▶ **DATA TO USE**
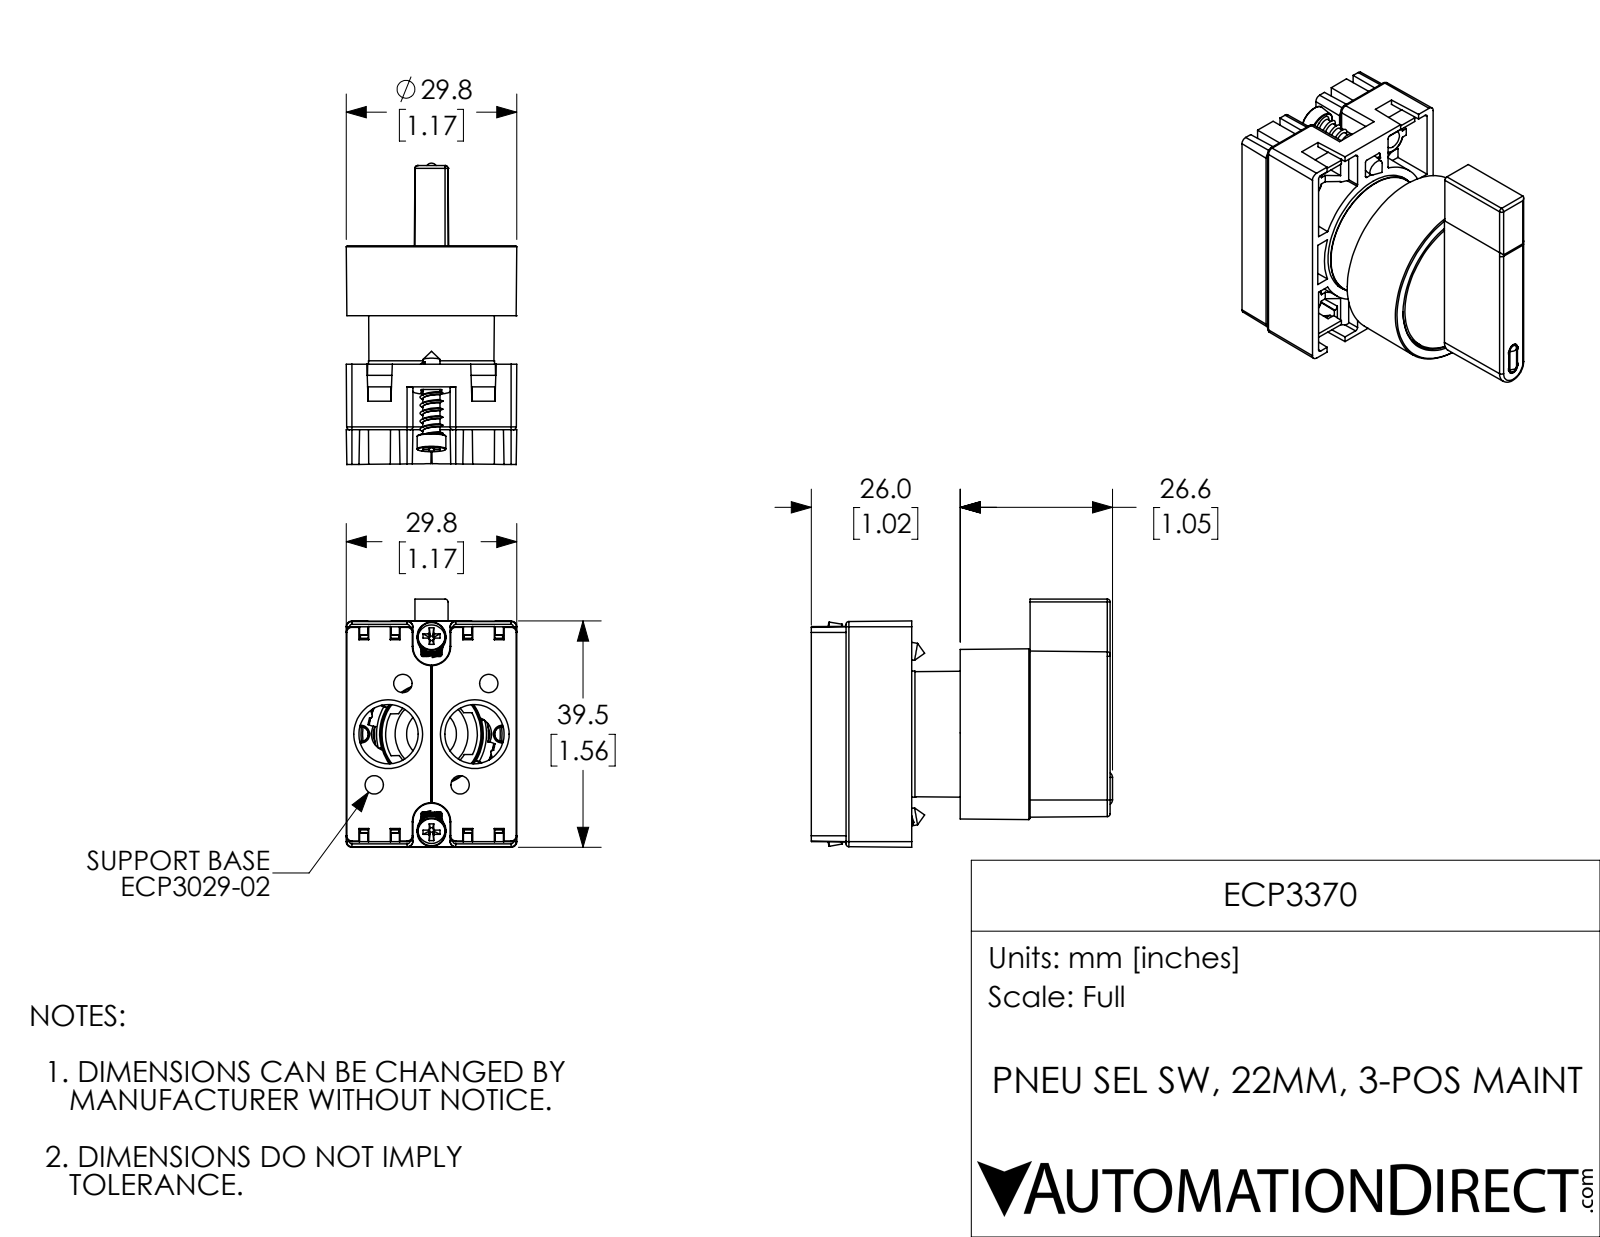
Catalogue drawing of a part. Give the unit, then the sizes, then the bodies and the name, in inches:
Units: inches
Overall size (bounding box): 2.071 × 1.706 × 1.173
Round holes (diameter × count): ⌀0.081 ×4, ⌀0.407 ×2, ⌀0.5 ×1, ⌀0.551 ×1, ⌀0.697 ×1, ⌀0.75 ×1, ⌀0.756 ×1, ⌀0.854 ×1, ⌀0.976 ×1, ⌀1.024 ×1
Round bosses / shafts (diameter × count): ⌀0.197 ×2, ⌀0.118 ×2, ⌀1.004 ×1, ⌀0.866 ×1, ⌀0.85 ×1, ⌀0.669 ×1, ⌀0.343 ×1
Partial cylindrical surfaces — rounded edges, fillets, slot ends (radius × count): R0.02 ×23, R0.012 ×10, R0.039 ×9, R0.006 ×8, R0.008 ×4, R0.008 ×2, R0.118 ×2, R0.128 ×2
Main face-to-face distances: 1.265, 0.059, 0.067, 0.712, 0.743, 0.299, 0.712, 0.715, 0.814, 0.451
Hole centre spacings: 0.304, 0.541, 0.817, 0.295, 0.472, 0.972, 1.081, 0.591
Volume: 1.144 in³ · Surface area: 32.38 in²
Bodies: 9 solids, 850 faces (410 planar, 161 cylindrical, 279 other)
Part name (STEP PRODUCT): ECP3370
STEP written by: SolidWorks 2017 (AUTOMOTIVE_DESIGN)
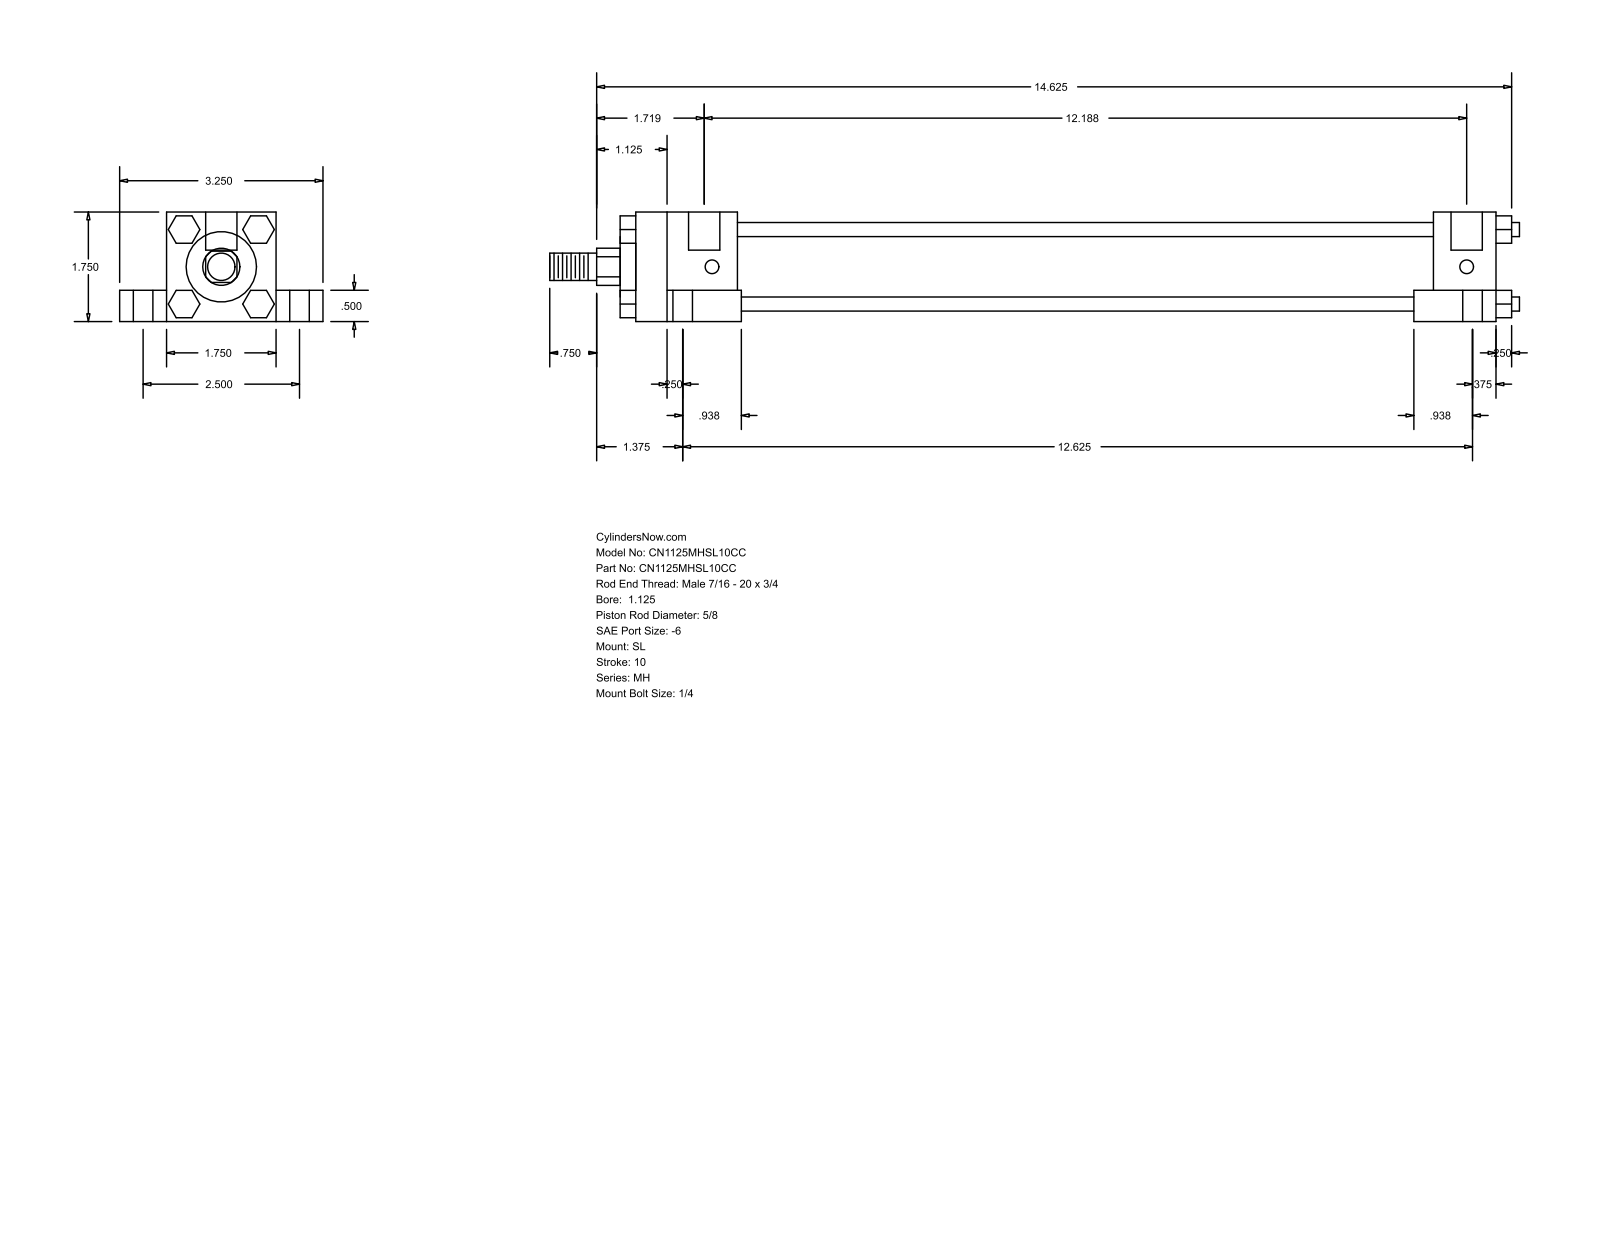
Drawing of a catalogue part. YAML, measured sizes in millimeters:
part_name: "MH_SL__0112_0.625"
step_written_by: "GSSL Pune (CONFIG_CONTROL_DESIGN)"
units: millimeters
bodies: {solids: 0, faces: 150, planar: 114, cylindrical: 36, other: 0}
overall_size: [393.7, 82.55, 44.45]
round_holes:
  - {diameter: 5.56, count: 4}
  - {diameter: 7.94, count: 4}
  - {diameter: 14.29, count: 4}
  - {diameter: 12.7, count: 2}
round_bosses_or_shafts:
  - {diameter: 5.71, count: 4}
  - {diameter: 34.92, count: 1}
  - {diameter: 28.57, count: 1}
  - {diameter: 15.88, count: 1}
  - {diameter: 11.11, count: 1}
partial_cylinders:
  - {radius: 7.54, count: 1}
face_to_face_distances: [44.46, 19.04, 12.7, 31.76, 63.5, 11.11, 47.62, 282.58, 307.97, 25.39]
hole_center_spacings: [31.84, 32.23, 32.93, 63.5, 306.39, 310.4, 313.55, 316.72]

▶ **WORK TASK**
Only lines holding "inches" are wanted; copy all of them from the listing.

▶ **TASK SOLUTION**
Catalogue drawing of a part. Give the unit, then the sizes, then the bodies and the name, in inches:
Units: inches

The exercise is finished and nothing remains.